___ Data supplied

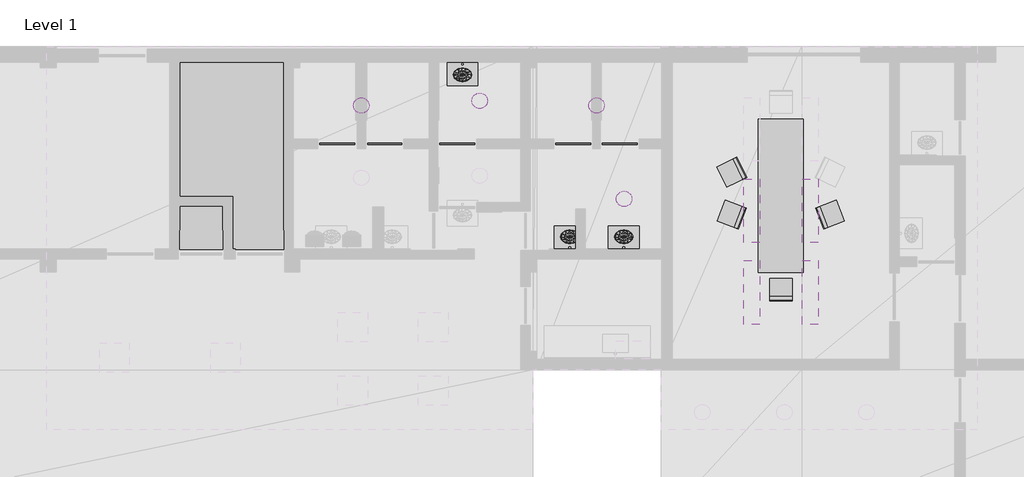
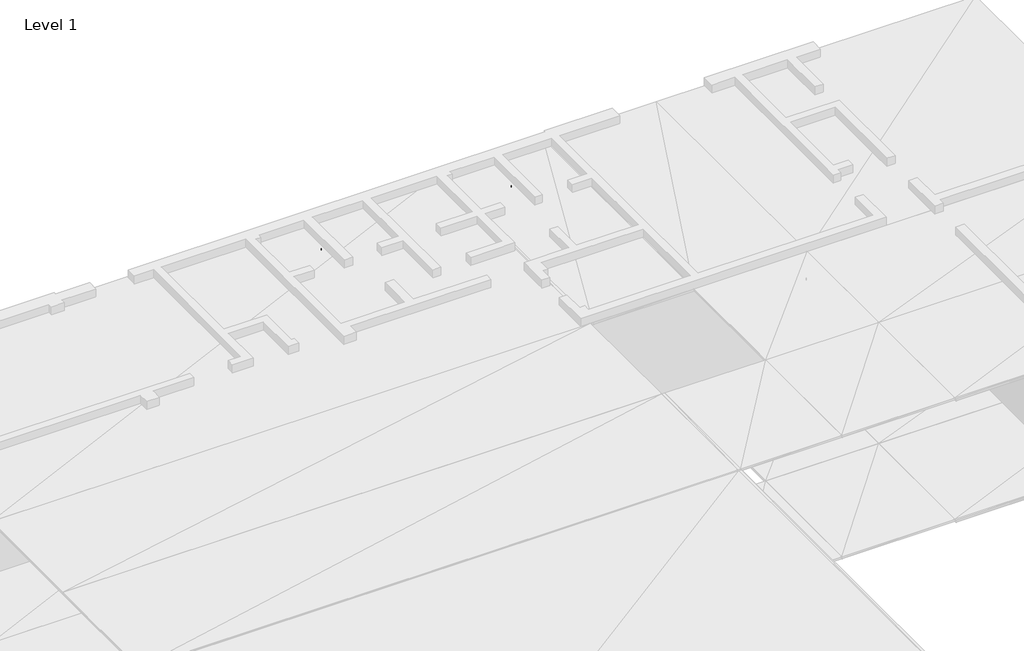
# One storey, part 13 of 14: 23 proxies.
"""IFC4 building model written with IfcOpenShell, lengths in millimetres."""

from ifc_helpers import new_model, si_unit, frame, origin, origin_with_axes, place, context, project, spatial, polyline, outline, extrude, faceted_brep, triangles, element, save

model = new_model("IFC4")

# Units and contexts
model_context = context("Model", 3, world=origin())
ifc_project = project(units=[si_unit("LENGTHUNIT", "METRE", prefix="MILLI")], contexts=[model_context])

# Site, building, storey
site = spatial("IfcSite", under=ifc_project)
building = spatial("IfcBuilding", under=site)
storey = spatial("IfcBuildingStorey", under=building, Name="Level 1", Elevation=0.0)

# Proxies
placement = place(None, origin())
element("IfcBuildingElementProxy", 1, Name="Generic Models", at=placement, inside=storey, context=model_context, shape_type="SweptSolid", body=[
    extrude(outline(polyline([(12247.01786, 20392.499924), (12247.01786, 20427.499771), (12905.017853, 20427.499771), (12905.017853, 20392.499924), (12247.01786, 20392.499924)])), origin_with_axes(), (0.0, 0.0, 1.0), 2099.999905),
])
element("IfcBuildingElementProxy", 2, Name="Generic Models", at=placement, inside=storey, context=model_context, shape_type="SweptSolid", body=[
    extrude(outline(polyline([(15095.017433, 20427.499771), (15095.017433, 20392.499924), (14437.017441, 20392.499924), (14437.017441, 20427.499771), (15095.017433, 20427.499771)])), origin_with_axes(), (0.0, 0.0, 1.0), 2099.999905),
])
element("IfcBuildingElementProxy", 3, Name="Generic Models", at=placement, inside=storey, context=model_context, shape_type="SweptSolid", body=[
    extrude(outline(polyline([(15317.017555, 20392.499924), (15317.017555, 20427.499771), (15975.017548, 20427.499771), (15975.017548, 20392.499924), (15317.017555, 20392.499924)])), origin_with_axes(), (0.0, 0.0, 1.0), 2099.999905),
])
element("IfcBuildingElementProxy", 4, Name="Generic Models", at=placement, inside=storey, context=model_context, shape_type="SweptSolid", body=[
    extrude(outline(polyline([(10645.017624, 20427.499771), (10645.017624, 20392.499924), (9987.017632, 20392.499924), (9987.017632, 20427.499771), (10645.017624, 20427.499771)])), origin_with_axes(), (0.0, 0.0, 1.0), 2099.999905),
])
element("IfcBuildingElementProxy", 5, Name="Generic Models", at=placement, inside=storey, context=model_context, shape_type="SweptSolid", body=[
    extrude(outline(polyline([(10886.417389, 20392.499924), (10886.417389, 20427.499771), (11525.617599, 20427.499771), (11525.617599, 20392.499924), (10886.417389, 20392.499924)])), origin_with_axes(), (0.0, 0.0, 1.0), 2099.999905),
])
element("IfcBuildingElementProxy", 6, Name="Generic Models", at=placement, inside=storey, context=model_context, shape_type="SweptSolid", body=[
    extrude(outline(polyline([(18286.018372, 18545.000076), (17986.019135, 18545.000076), (17986.019135, 19745.000839), (18286.018372, 19745.000839), (18286.018372, 18545.000076)])), frame((0.0, 0.0, 2910.000086), z_axis=(0.0, 0.0, 1.0), x_axis=(1.0, 0.0, 0.0)), (0.0, 0.0, 1.0), 39.999962),
])
element("IfcBuildingElementProxy", 7, Name="Generic Models", at=placement, inside=storey, context=model_context, shape_type="SweptSolid", body=[
    extrude(outline(polyline([(19387.996674, 18545.000076), (19087.997437, 18545.000076), (19087.997437, 19745.000839), (19387.996674, 19745.000839), (19387.996674, 18545.000076)])), frame((0.0, 0.0, 2910.000086), z_axis=(0.0, 0.0, 1.0), x_axis=(1.0, 0.0, 0.0)), (0.0, 0.0, 1.0), 39.999962),
])
element("IfcBuildingElementProxy", 8, Name="Generic Models", at=placement, inside=storey, context=model_context, shape_type="SweptSolid", body=[
    extrude(outline(polyline([(18286.018372, 17003.99971), (17986.019135, 17003.99971), (17986.019135, 18204.000473), (18286.018372, 18204.000473), (18286.018372, 17003.99971)])), frame((0.0, 0.0, 2910.000086), z_axis=(0.0, 0.0, 1.0), x_axis=(1.0, 0.0, 0.0)), (0.0, 0.0, 1.0), 39.999962),
])
element("IfcBuildingElementProxy", 9, Name="Generic Models", at=placement, inside=storey, context=model_context, shape_type="SweptSolid", body=[
    extrude(outline(polyline([(19387.996674, 17003.99971), (19087.997437, 17003.99971), (19087.997437, 18204.000473), (19387.996674, 18204.000473), (19387.996674, 17003.99971)])), frame((0.0, 0.0, 2910.000086), z_axis=(0.0, 0.0, 1.0), x_axis=(1.0, 0.0, 0.0)), (0.0, 0.0, 1.0), 39.999962),
])
element("IfcBuildingElementProxy", 10, Name="Generic Models", at=placement, inside=storey, context=model_context, shape_type="SweptSolid", body=[
    extrude(outline(polyline([(15862.160683, 19313.60817), (15848.543167, 19288.131714), (15830.217361, 19265.802383), (15807.887077, 19247.47467), (15782.410622, 19233.858109), (15754.766464, 19225.471497), (15726.017952, 19222.640991), (15697.26944, 19225.471497), (15669.625282, 19233.858109), (15644.148827, 19247.47467), (15621.818542, 19265.802383), (15603.492737, 19288.131714), (15589.875221, 19313.60817), (15581.489563, 19341.251373), (15578.658104, 19370.000839), (15581.489563, 19398.750305), (15589.875221, 19426.393509), (15603.492737, 19451.869965), (15621.818542, 19474.199295), (15644.148827, 19492.527008), (15669.625282, 19506.14357), (15697.26944, 19514.530182), (15726.017952, 19517.360687), (15754.766464, 19514.530182), (15782.410622, 19506.14357), (15807.887077, 19492.527008), (15830.217361, 19474.199295), (15848.543167, 19451.869965), (15862.160683, 19426.393509), (15870.546341, 19398.750305), (15873.3778, 19370.000839), (15870.546341, 19341.251373), (15862.160683, 19313.60817)])), frame((0.0, 0.0, 2910.000086), z_axis=(0.0, 0.0, 1.0), x_axis=(1.0, 0.0, 0.0)), (0.0, 0.0, 1.0), 39.999962),
])
element("IfcBuildingElementProxy", 11, Name="Generic Models", at=placement, inside=storey, context=model_context, shape_type="SweptSolid", body=[
    extrude(outline(polyline([(15342.161179, 21078.607559), (15328.543663, 21053.131104), (15310.217857, 21030.801773), (15287.887573, 21012.47406), (15262.411118, 20998.857498), (15234.76696, 20990.470886), (15206.018448, 20987.640381), (15177.269936, 20990.470886), (15149.625778, 20998.857498), (15124.149323, 21012.47406), (15101.819038, 21030.801773), (15083.493233, 21053.131104), (15069.875717, 21078.607559), (15061.490059, 21106.250763), (15058.6586, 21135.000229), (15061.490059, 21163.749695), (15069.875717, 21191.392899), (15083.493233, 21216.869354), (15101.819038, 21239.198685), (15124.149323, 21257.526398), (15149.625778, 21271.14296), (15177.269936, 21279.529572), (15206.018448, 21282.360077), (15234.76696, 21279.529572), (15262.411118, 21271.14296), (15287.887573, 21257.526398), (15310.217857, 21239.198685), (15328.543663, 21216.869354), (15342.161179, 21191.392899), (15350.546837, 21163.749695), (15353.378296, 21135.000229), (15350.546837, 21106.250763), (15342.161179, 21078.607559)])), frame((0.0, 0.0, 2910.000086), z_axis=(0.0, 0.0, 1.0), x_axis=(1.0, 0.0, 0.0)), (0.0, 0.0, 1.0), 39.999962),
])
element("IfcBuildingElementProxy", 12, Name="Generic Models", at=placement, inside=storey, context=model_context, shape_type="SweptSolid", body=[
    extrude(outline(polyline([(13137.160301, 21168.607712), (13123.542786, 21143.131256), (13105.21698, 21120.801926), (13082.886696, 21102.474213), (13057.41024, 21088.857651), (13029.766083, 21080.471039), (13001.01757, 21077.640533), (12972.269058, 21080.471039), (12944.624901, 21088.857651), (12919.148445, 21102.474213), (12896.818161, 21120.801926), (12878.492355, 21143.131256), (12864.87484, 21168.607712), (12856.489182, 21196.250916), (12853.657722, 21225.000381), (12856.489182, 21253.749847), (12864.87484, 21281.393051), (12878.492355, 21306.869507), (12896.818161, 21329.198837), (12919.148445, 21347.52655), (12944.624901, 21361.143112), (12972.269058, 21369.529724), (13001.01757, 21372.360229), (13029.766083, 21369.529724), (13057.41024, 21361.143112), (13082.886696, 21347.52655), (13105.21698, 21329.198837), (13123.542786, 21306.869507), (13137.160301, 21281.393051), (13145.545959, 21253.749847), (13148.377419, 21225.000381), (13145.545959, 21196.250916), (13137.160301, 21168.607712)])), frame((0.0, 0.0, 2910.000086), z_axis=(0.0, 0.0, 1.0), x_axis=(1.0, 0.0, 0.0)), (0.0, 0.0, 1.0), 39.999962),
])
element("IfcBuildingElementProxy", 13, Name="Generic Models", at=placement, inside=storey, context=model_context, shape_type="SweptSolid", body=[
    extrude(outline(polyline([(10902.160645, 21078.607559), (10888.543129, 21053.131104), (10870.217323, 21030.801773), (10847.887039, 21012.47406), (10822.410583, 20998.857498), (10794.766426, 20990.470886), (10766.017914, 20987.640381), (10737.269402, 20990.470886), (10709.625244, 20998.857498), (10684.148788, 21012.47406), (10661.818504, 21030.801773), (10643.492699, 21053.131104), (10629.875183, 21078.607559), (10621.489525, 21106.250763), (10618.658066, 21135.000229), (10621.489525, 21163.749695), (10629.875183, 21191.392899), (10643.492699, 21216.869354), (10661.818504, 21239.198685), (10684.148788, 21257.526398), (10709.625244, 21271.14296), (10737.269402, 21279.529572), (10766.017914, 21282.360077), (10794.766426, 21279.529572), (10822.410583, 21271.14296), (10847.887039, 21257.526398), (10870.217323, 21239.198685), (10888.543129, 21216.869354), (10902.160645, 21191.392899), (10910.546303, 21163.749695), (10913.377762, 21135.000229), (10910.546303, 21106.250763), (10902.160645, 21078.607559)])), frame((0.0, 0.0, 2910.000086), z_axis=(0.0, 0.0, 1.0), x_axis=(1.0, 0.0, 0.0)), (0.0, 0.0, 1.0), 39.999962),
])
element("IfcBuildingElementProxy", 14, Name="Generic Models", at=placement, inside=storey, context=model_context, shape_type="SweptSolid", body=[
    extrude(outline(polyline([(17677.558899, 19271.942139), (17651.416779, 19281.970978), (17661.445618, 19308.113098), (17687.587738, 19298.084259), (17677.558899, 19271.942139)])), frame((0.0, 0.0, 50.000001), z_axis=(0.0, 0.0, 1.0), x_axis=(1.0, 0.0, 0.0)), (0.0, 0.0, 1.0), 389.999997),
    extrude(outline(polyline([(17976.329803, 19157.329559), (17950.187683, 19167.358398), (17960.216522, 19193.500519), (17986.358643, 19183.47168), (17976.329803, 19157.329559)])), frame((0.0, 0.0, 50.000001), z_axis=(0.0, 0.0, 1.0), x_axis=(1.0, 0.0, 0.0)), (0.0, 0.0, 1.0), 389.999997),
    extrude(outline(polyline([(17555.784225, 18954.498291), (17529.642105, 18964.52713), (17539.669037, 18990.66925), (17565.813065, 18980.640411), (17555.784225, 18954.498291)])), frame((0.0, 0.0, 50.000001), z_axis=(0.0, 0.0, 1.0), x_axis=(1.0, 0.0, 0.0)), (0.0, 0.0, 1.0), 389.999997),
    extrude(outline(polyline([(17854.55513, 18839.885712), (17828.411102, 18849.914551), (17838.439941, 18876.056671), (17864.582062, 18866.027832), (17854.55513, 18839.885712)])), frame((0.0, 0.0, 50.000001), z_axis=(0.0, 0.0, 1.0), x_axis=(1.0, 0.0, 0.0)), (0.0, 0.0, 1.0), 389.999997),
    extrude(outline(polyline([(17860.179901, 18809.88121), (17804.161072, 18831.3694), (17954.589844, 19223.506927), (18010.61058, 19202.01683), (17860.179901, 18809.88121)])), frame((0.0, 0.0, 460.000008), z_axis=(0.0, 0.0, 1.0), x_axis=(1.0, 0.0, 0.0)), (0.0, 0.0, 1.0), 400.000006),
    extrude(outline(polyline([(17878.852844, 18802.717209), (17486.717224, 18953.145981), (17637.145996, 19345.283508), (18029.283524, 19194.854736), (17878.852844, 18802.717209)])), frame((0.0, 0.0, 417.499989), z_axis=(0.0, 0.0, 1.0), x_axis=(1.0, 0.0, 0.0)), (0.0, 0.0, 1.0), 55.000007),
])
element("IfcBuildingElementProxy", 15, Name="Generic Models", at=placement, inside=storey, context=model_context, shape_type="SweptSolid", body=[
    extrude(outline(polyline([(17558.767319, 19954.189301), (17533.540726, 19942.037582), (17521.389008, 19967.264175), (17546.615601, 19979.413986), (17558.767319, 19954.189301)])), frame((0.0, 0.0, 50.000001), z_axis=(0.0, 0.0, 1.0), x_axis=(1.0, 0.0, 0.0)), (0.0, 0.0, 1.0), 389.999997),
    extrude(outline(polyline([(17847.064972, 20093.053818), (17821.840286, 20080.904007), (17809.688568, 20106.128693), (17834.915161, 20118.280411), (17847.064972, 20093.053818)])), frame((0.0, 0.0, 50.000001), z_axis=(0.0, 0.0, 1.0), x_axis=(1.0, 0.0, 0.0)), (0.0, 0.0, 1.0), 389.999997),
    extrude(outline(polyline([(17706.310272, 19647.871017), (17681.085587, 19635.719299), (17668.933868, 19660.945892), (17694.160461, 19673.09761), (17706.310272, 19647.871017)])), frame((0.0, 0.0, 50.000001), z_axis=(0.0, 0.0, 1.0), x_axis=(1.0, 0.0, 0.0)), (0.0, 0.0, 1.0), 389.999997),
    extrude(outline(polyline([(17994.609833, 19786.735535), (17969.38324, 19774.585724), (17957.233429, 19799.812317), (17982.460022, 19811.962128), (17994.609833, 19786.735535)])), frame((0.0, 0.0, 50.000001), z_axis=(0.0, 0.0, 1.0), x_axis=(1.0, 0.0, 0.0)), (0.0, 0.0, 1.0), 389.999997),
    extrude(outline(polyline([(18020.307541, 19770.254135), (17966.251373, 19744.216919), (17783.99086, 20122.610092), (17838.047028, 20148.647308), (18020.307541, 19770.254135)])), frame((0.0, 0.0, 460.000008), z_axis=(0.0, 0.0, 1.0), x_axis=(1.0, 0.0, 0.0)), (0.0, 0.0, 1.0), 400.000006),
    extrude(outline(polyline([(18038.326263, 19778.934479), (17659.934998, 19596.673965), (17477.672577, 19975.065231), (17856.06575, 20157.327652), (18038.326263, 19778.934479)])), frame((0.0, 0.0, 417.499989), z_axis=(0.0, 0.0, 1.0), x_axis=(1.0, 0.0, 0.0)), (0.0, 0.0, 1.0), 55.000007),
])
element("IfcBuildingElementProxy", 16, Name="Generic Models", at=placement, inside=storey, context=model_context, shape_type="SweptSolid", body=[
    extrude(outline(polyline([(19806.188583, 18980.644226), (19832.330704, 18990.673065), (19842.359543, 18964.530945), (19816.217422, 18954.502106), (19806.188583, 18980.644226)])), frame((0.0, 0.0, 50.000001), z_axis=(0.0, 0.0, 1.0), x_axis=(1.0, 0.0, 0.0)), (0.0, 0.0, 1.0), 389.999997),
    extrude(outline(polyline([(19507.419586, 18866.027832), (19533.561707, 18876.056671), (19543.590546, 18849.914551), (19517.448425, 18839.885712), (19507.419586, 18866.027832)])), frame((0.0, 0.0, 50.000001), z_axis=(0.0, 0.0, 1.0), x_axis=(1.0, 0.0, 0.0)), (0.0, 0.0, 1.0), 389.999997),
    extrude(outline(polyline([(19684.408188, 19298.086166), (19710.552216, 19308.115005), (19720.581055, 19281.972885), (19694.438934, 19271.944046), (19684.408188, 19298.086166)])), frame((0.0, 0.0, 50.000001), z_axis=(0.0, 0.0, 1.0), x_axis=(1.0, 0.0, 0.0)), (0.0, 0.0, 1.0), 389.999997),
    extrude(outline(polyline([(19385.639191, 19183.469772), (19411.781311, 19193.498611), (19421.81015, 19167.356491), (19395.66803, 19157.327652), (19385.639191, 19183.469772)])), frame((0.0, 0.0, 50.000001), z_axis=(0.0, 0.0, 1.0), x_axis=(1.0, 0.0, 0.0)), (0.0, 0.0, 1.0), 389.999997),
    extrude(outline(polyline([(19361.38916, 19202.013016), (19417.40799, 19223.50502), (19567.842484, 18831.3694), (19511.823654, 18809.879303), (19361.38916, 19202.013016)])), frame((0.0, 0.0, 460.000008), z_axis=(0.0, 0.0, 1.0), x_axis=(1.0, 0.0, 0.0)), (0.0, 0.0, 1.0), 400.000006),
    extrude(outline(polyline([(19342.716217, 19194.850922), (19734.84993, 19345.283508), (19885.284424, 18953.149796), (19493.148804, 18802.715302), (19342.716217, 19194.850922)])), frame((0.0, 0.0, 417.499989), z_axis=(0.0, 0.0, 1.0), x_axis=(1.0, 0.0, 0.0)), (0.0, 0.0, 1.0), 55.000007),
])
element("IfcBuildingElementProxy", 17, Name="Generic Models", at=placement, inside=storey, context=model_context, shape_type="SweptSolid", body=[
    extrude(outline(polyline([(18841.999054, 17801.000595), (18841.999054, 17829.00238), (18869.998932, 17829.00238), (18869.998932, 17801.002502), (18841.999054, 17801.000595)])), frame((0.0, 0.0, 50.000001), z_axis=(0.0, 0.0, 1.0), x_axis=(1.0, 0.0, 0.0)), (0.0, 0.0, 1.0), 389.999997),
    extrude(outline(polyline([(18842.000961, 17481.0009), (18842.000961, 17509.000778), (18870.000839, 17509.002686), (18870.000839, 17481.0009), (18842.000961, 17481.0009)])), frame((0.0, 0.0, 50.000001), z_axis=(0.0, 0.0, 1.0), x_axis=(1.0, 0.0, 0.0)), (0.0, 0.0, 1.0), 389.999997),
    extrude(outline(polyline([(18501.998901, 17800.998688), (18501.998901, 17828.998566), (18529.998779, 17828.998566), (18529.998779, 17800.998688), (18501.998901, 17800.998688)])), frame((0.0, 0.0, 50.000001), z_axis=(0.0, 0.0, 1.0), x_axis=(1.0, 0.0, 0.0)), (0.0, 0.0, 1.0), 389.999997),
    extrude(outline(polyline([(18502.000809, 17480.998993), (18502.000809, 17508.998871), (18530.000687, 17508.998871), (18530.002594, 17480.998993), (18502.000809, 17480.998993)])), frame((0.0, 0.0, 50.000001), z_axis=(0.0, 0.0, 1.0), x_axis=(1.0, 0.0, 0.0)), (0.0, 0.0, 1.0), 389.999997),
    extrude(outline(polyline([(18476.00174, 17464.998245), (18476.00174, 17524.997711), (18896.001816, 17525.001526), (18896.001816, 17465.00206), (18476.00174, 17464.998245)])), frame((0.0, 0.0, 460.000008), z_axis=(0.0, 0.0, 1.0), x_axis=(1.0, 0.0, 0.0)), (0.0, 0.0, 1.0), 400.000006),
    extrude(outline(polyline([(18476.00174, 17444.997787), (18475.997925, 17864.997864), (18895.998001, 17865.001678), (18896.001816, 17445.001602), (18476.00174, 17444.997787)])), frame((0.0, 0.0, 417.499989), z_axis=(0.0, 0.0, 1.0), x_axis=(1.0, 0.0, 0.0)), (0.0, 0.0, 1.0), 55.000007),
])
element("IfcBuildingElementProxy", 18, Name="Generic Models", at=placement, inside=storey, context=model_context, shape_type="SweptSolid", body=[
    extrude(outline(polyline([(18261.016846, 17979.999542), (18261.016846, 20880.001068), (19111.017227, 20880.001068), (19111.017227, 17979.999542), (18261.016846, 17979.999542)])), frame((0.0, 0.0, 709.999979), z_axis=(0.0, 0.0, 1.0), x_axis=(1.0, 0.0, 0.0)), (0.0, 0.0, 1.0), 40.000021),
])
element("IfcBuildingElementProxy", 19, Name="Generic Models", at=placement, inside=storey, context=model_context, shape_type="SweptSolid", body=[
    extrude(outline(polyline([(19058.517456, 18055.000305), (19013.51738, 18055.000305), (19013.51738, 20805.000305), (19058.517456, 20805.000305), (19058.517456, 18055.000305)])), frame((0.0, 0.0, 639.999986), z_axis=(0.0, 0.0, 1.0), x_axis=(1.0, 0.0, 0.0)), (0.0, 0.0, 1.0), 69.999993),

______

_What is required:_ Return only the lines running from the start of the entries above to the line that contains "building model written", inclusive, and omit every picture.

_Task answer:_
# One storey, part 13 of 14: 23 proxies.
"""IFC4 building model written with IfcOpenShell, lengths in millimetres."""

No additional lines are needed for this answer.